Generality: We have discussed mainly transformer encoders (like BERT) or decoders (like GPT). How would this work in other architectures? For RNNs (less used now, but conceptually), one could also apply layer-wise or time-step-wise sub-models. For non-NLP domains (reinforcement learning policies, for example), could an agent’s policy network layers be explained in terms of intermediate decisions or value estimates? If an RL agent has a vision module then a decision module, maybe those are natural layers to explain (“vision recognized an obstacle, decision layer chose to jump”). Extending these ideas to different AI systems will be important to make interpretability ubiquitous.

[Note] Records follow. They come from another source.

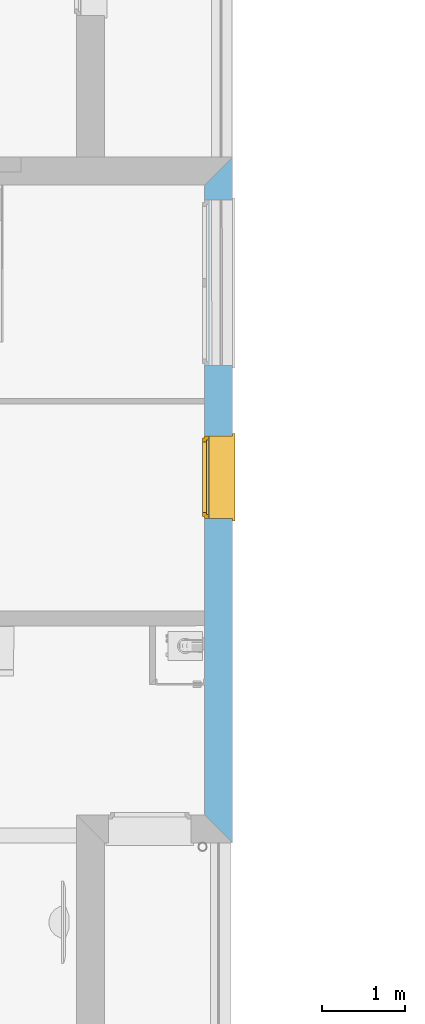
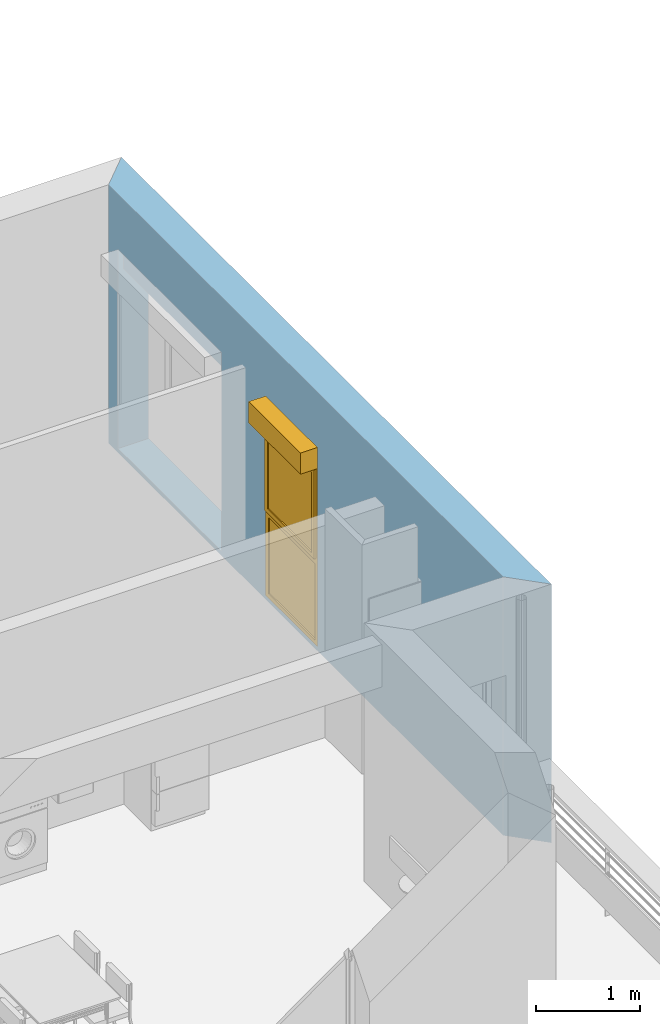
# One storey, part 19 of 165: 1 window, 2 openings, plus 1 element that does not belong to this part.
"""IFC2X3 building model written with IfcOpenShell, lengths in millimetres."""

from ifc_helpers import new_model, entity, si_unit, converted_unit, derived_unit, money_unit, direction, frame, origin_with_axes, place, context, subcontext, project, spatial, polyline, outline, extrude, open_shell, faceted_brep, surface_model, source, transform, mapped, material, layer, layer_set, layer_usage, type_object, element, fill, save


model = new_model("IFC2X3")

# Units and contexts
model_context = context("Model", 3, precision=0.01, world=origin_with_axes(), true_north=direction((0.0, 1.0)))
body_context = subcontext(model_context, "Body", "Model", "MODEL_VIEW")
ifc_project = project(units=[si_unit("LENGTHUNIT", "METRE", prefix="MILLI"), si_unit("AREAUNIT", "SQUARE_METRE"), si_unit("VOLUMEUNIT", "CUBIC_METRE"), converted_unit("PLANEANGLEUNIT", "DEGREE", entity("IfcPlaneAngleMeasure", 0.0174532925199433), si_unit("PLANEANGLEUNIT", "RADIAN"), dimensions=[0, 0, 0, 0, 0, 0, 0]), money_unit("USD"), converted_unit("TIMEUNIT", "Year", entity("IfcTimeMeasure", 31557600.0), si_unit("TIMEUNIT", "SECOND"), dimensions=[0, 0, 1, 0, 0, 0, 0]), si_unit("MASSUNIT", "GRAM", prefix="KILO"), si_unit("THERMODYNAMICTEMPERATUREUNIT", "DEGREE_CELSIUS"), si_unit("LUMINOUSINTENSITYUNIT", "LUMEN"), si_unit("ENERGYUNIT", "JOULE", prefix="MEGA"), derived_unit("THERMALCONDUCTANCEUNIT", [(si_unit("POWERUNIT", "WATT"), 1), (si_unit("LENGTHUNIT", "METRE"), -1), (si_unit("THERMODYNAMICTEMPERATUREUNIT", "KELVIN"), -1)]), derived_unit("SPECIFICHEATCAPACITYUNIT", [(si_unit("ENERGYUNIT", "JOULE"), 1), (si_unit("MASSUNIT", "GRAM", prefix="KILO"), -1), (si_unit("THERMODYNAMICTEMPERATUREUNIT", "KELVIN"), -1)]), derived_unit("MASSDENSITYUNIT", [(si_unit("MASSUNIT", "GRAM", prefix="KILO"), 1), (si_unit("VOLUMEUNIT", "CUBIC_METRE"), -1)])], contexts=[model_context])

# Site, building, storey
site_placement = place(None, origin_with_axes())
site = spatial("IfcSite", under=ifc_project, at=site_placement, Name="Site", CompositionType="ELEMENT")
building_placement = place(site_placement, origin_with_axes())
building = spatial("IfcBuilding", under=site, at=building_placement, Name="Bâtiment", CompositionType="ELEMENT")
storey_placement = place(building_placement, frame((0.0, 0.0, 8500.0), z_axis=(0.0, 0.0, 1.0), x_axis=(1.0, 0.0, 0.0)))
storey = spatial("IfcBuildingStorey", under=building, at=storey_placement, Name="Etage 2", CompositionType="ELEMENT", Elevation=8500.0)

# Wall, openings, window
ifc_material_1 = material(Name="Parpaing 312445824")
ifc_layer_1 = layer(ifc_material_1, 180.0, ventilated="UNKNOWN")
ifc_material_2 = material(Name="Isolant styromousse 301821074")
ifc_layer_2 = layer(ifc_material_2, 160.0, ventilated="UNKNOWN")
ifc_layer_set = layer_set([ifc_layer_1, ifc_layer_2], Name="isol int 18+16 0018356637")
ifc_layer_usage = layer_usage(ifc_layer_set, "AXIS2", "POSITIVE", 0.0)
wall_type = type_object("IfcWallType", Name="isol int 18+16 0018356637 340", PredefinedType="NOTDEFINED")
wall_placement = place(storey_placement, frame((2234356.671296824, -655041.4677782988, 0.0), z_axis=(0.0, 0.0, 1.0), x_axis=(0.0, 1.0, 0.0)))
wall = element("IfcWallStandardCase", 1, at=wall_placement, inside=storey, type_object=wall_type, material=ifc_layer_usage, Name="Mur-144", context=body_context, shape_type="SweptSolid", body=[
    extrude(outline(polyline([(0.0, 0.0), (8303.026472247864, 0.0), (7963.026472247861, 340.0000000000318), (340.0000000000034, 340.0000000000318), (0.0, 0.0)])), origin_with_axes(), (0.0, 0.0, 1.0), 3050.0),
])
opening_1_placement = place(wall_placement, frame((4427.8378465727, -2.273736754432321e-10, 50.00000000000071), z_axis=(0.0, 0.0, 1.0), x_axis=(1.0, 0.0, 0.0)))
opening_1 = element("IfcOpeningElement", 2, at=opening_1_placement, cuts=wall, Name="Fen-133", context=body_context, shape_type="Brep", body=[
    faceted_brep([(500.0, 290.0000000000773, 2100.0), (500.0, 280.0000000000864, 2100.0), (500.0, -0.9999999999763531, 2100.0), (500.0, -0.9999999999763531, 0.0), (500.0, 290.0000000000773, 0.0), (500.0, 341.0000000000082, 2100.0), (500.0, 530.0000000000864, 2100.0), (500.0, 530.0000000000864, 2350.0), (500.0, 280.0000000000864, 2350.0), (-500.0, 280.0000000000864, 2100.0), (-500.0, -0.9999999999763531, 2100.0), (-500.0, -0.9999999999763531, 0.0), (-500.0, 290.0000000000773, 0.0), (-500.0, 341.0000000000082, 0.0), (500.0, 341.0000000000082, 0.0), (-500.0, 341.0000000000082, 2100.0), (-500.0, 530.0000000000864, 2100.0), (-500.0, 530.0000000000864, 2350.0), (-500.0, 280.0000000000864, 2350.0), (-500.0, 290.0000000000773, 2100.0)], [[[0, 1, 2, 3, 4]], [[1, 0, 5, 6, 7, 8]], [[1, 9, 10, 2]], [[10, 11, 3, 2]], [[4, 3, 11, 12, 13, 14]], [[5, 0, 4, 14]], [[5, 15, 16, 6]], [[7, 6, 16, 17]], [[8, 7, 17, 18]], [[9, 1, 8, 18]], [[9, 19, 12, 11, 10]], [[19, 15, 13, 12]], [[15, 5, 14, 13]], [[19, 9, 18, 17, 16, 15]]]),
])
opening_2_placement = place(wall_placement, frame((6781.330882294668, -2.273736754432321e-10, 50.00000000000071), z_axis=(0.0, 0.0, 1.0), x_axis=(1.0, 0.0, 0.0)))
element("IfcOpeningElement", 3, at=opening_2_placement, cuts=wall, Name="Fen-207", context=body_context, shape_type="Brep", body=[
    faceted_brep([(1000.0, 290.0000000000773, 2100.0), (1000.0, 280.0000000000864, 2100.0), (1000.0, -0.9999999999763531, 2100.0), (1000.0, -0.9999999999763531, 0.0), (1000.0, 290.0000000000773, 0.0), (1000.0, 341.0000000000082, 2100.0), (1000.0, 530.0000000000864, 2100.0), (1000.0, 530.0000000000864, 2350.0), (1000.0, 280.0000000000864, 2350.0), (-1000.0, 280.0000000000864, 2100.0), (-1000.0, -0.9999999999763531, 2100.0), (-1000.0, -0.9999999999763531, 0.0), (-1000.0, 290.0000000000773, 0.0), (-1000.0, 341.0000000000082, 0.0), (1000.0, 341.0000000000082, 0.0), (-1000.0, 341.0000000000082, 2100.0), (-1000.0, 530.0000000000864, 2100.0), (-1000.0, 530.0000000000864, 2350.0), (-1000.0, 280.0000000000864, 2350.0), (-1000.0, 290.0000000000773, 2100.0)], [[[0, 1, 2, 3, 4]], [[1, 0, 5, 6, 7, 8]], [[1, 9, 10, 2]], [[10, 11, 3, 2]], [[4, 3, 11, 12, 13, 14]], [[5, 0, 4, 14]], [[5, 15, 16, 6]], [[7, 6, 16, 17]], [[8, 7, 17, 18]], [[9, 1, 8, 18]], [[9, 19, 12, 11, 10]], [[19, 15, 13, 12]], [[15, 5, 14, 13]], [[19, 9, 18, 17, 16, 15]]]),
])
window_style = type_object("IfcWindowStyle", Name="Fenêtre 27", ConstructionType="NOTDEFINED", OperationType="DOUBLE_PANEL_HORIZONTAL", ParameterTakesPrecedence=False, Sizeable=False)
shared_shape = source(origin_with_axes(), body_context, "Body", "SurfaceModel", [
    surface_model("IfcShellBasedSurfaceModel", [(500.0, -51.00000000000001, 40.00000000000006), (500.0, -51.00000000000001, 50.00000000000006), (-500.0, -51.00000000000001, 50.0), (-500.0, -51.00000000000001, 40.0), (530.0, -369.9999999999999, 28.96551724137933), (530.0, -339.9999999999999, 30.00324289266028), (500.0, -339.9999999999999, 30.00324289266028), (-500.0, -339.9999999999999, 30.00324289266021), (-530.0, -339.9999999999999, 30.00324289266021), (-530.0, -369.9999999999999, 28.96551724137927), (530.0, -369.9999999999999, 8.96551724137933), (-530.0, -369.9999999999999, 8.965517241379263), (530.0, -359.9999999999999, 18.96551724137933), (-530.0, -359.9999999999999, 18.96551724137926)], [open_shell([[[0, 1, 2, 3]], [[4, 5, 6, 0, 3, 7, 8, 9]], [[10, 4, 9, 11]], [[12, 10, 11, 13]]])]),
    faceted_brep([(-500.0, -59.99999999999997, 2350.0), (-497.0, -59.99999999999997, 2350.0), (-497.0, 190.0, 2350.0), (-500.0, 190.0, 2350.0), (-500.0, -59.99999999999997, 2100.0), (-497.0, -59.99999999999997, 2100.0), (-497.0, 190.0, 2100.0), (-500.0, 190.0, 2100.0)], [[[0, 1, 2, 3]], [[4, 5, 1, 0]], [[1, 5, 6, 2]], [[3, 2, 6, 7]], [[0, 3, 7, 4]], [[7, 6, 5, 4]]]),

Realistic Optimism: In the near future, we anticipate researchers demonstrating layer-wise interpretability on more complex tasks and models, perhaps starting with medium-sized models where it’s tractable to label and evaluate the explanations. If successful, this approach can be one piece of the puzzle for trustworthy AI. It won’t solve everything – we still need good user experience design to present explanations, and rigorous validation – but it provides a technical pathway to illuminating the black box from inside out. Ultimately, the vision is that asking a transformer “What are you thinking?” will be a standard capability, and the transformer (through our sub-models) will answer by revealing its chain of thought in a way we can verify and understand. This would mark a significant paradigm shift from the opaque deep learning models of the past toward AI systems that expose their reasoning and earn our trust through transparency. We believe Layer-Wise Sub-Model interpretability is a promising step in that direction, and we encourage further exploration and refinement of this approach in the research community.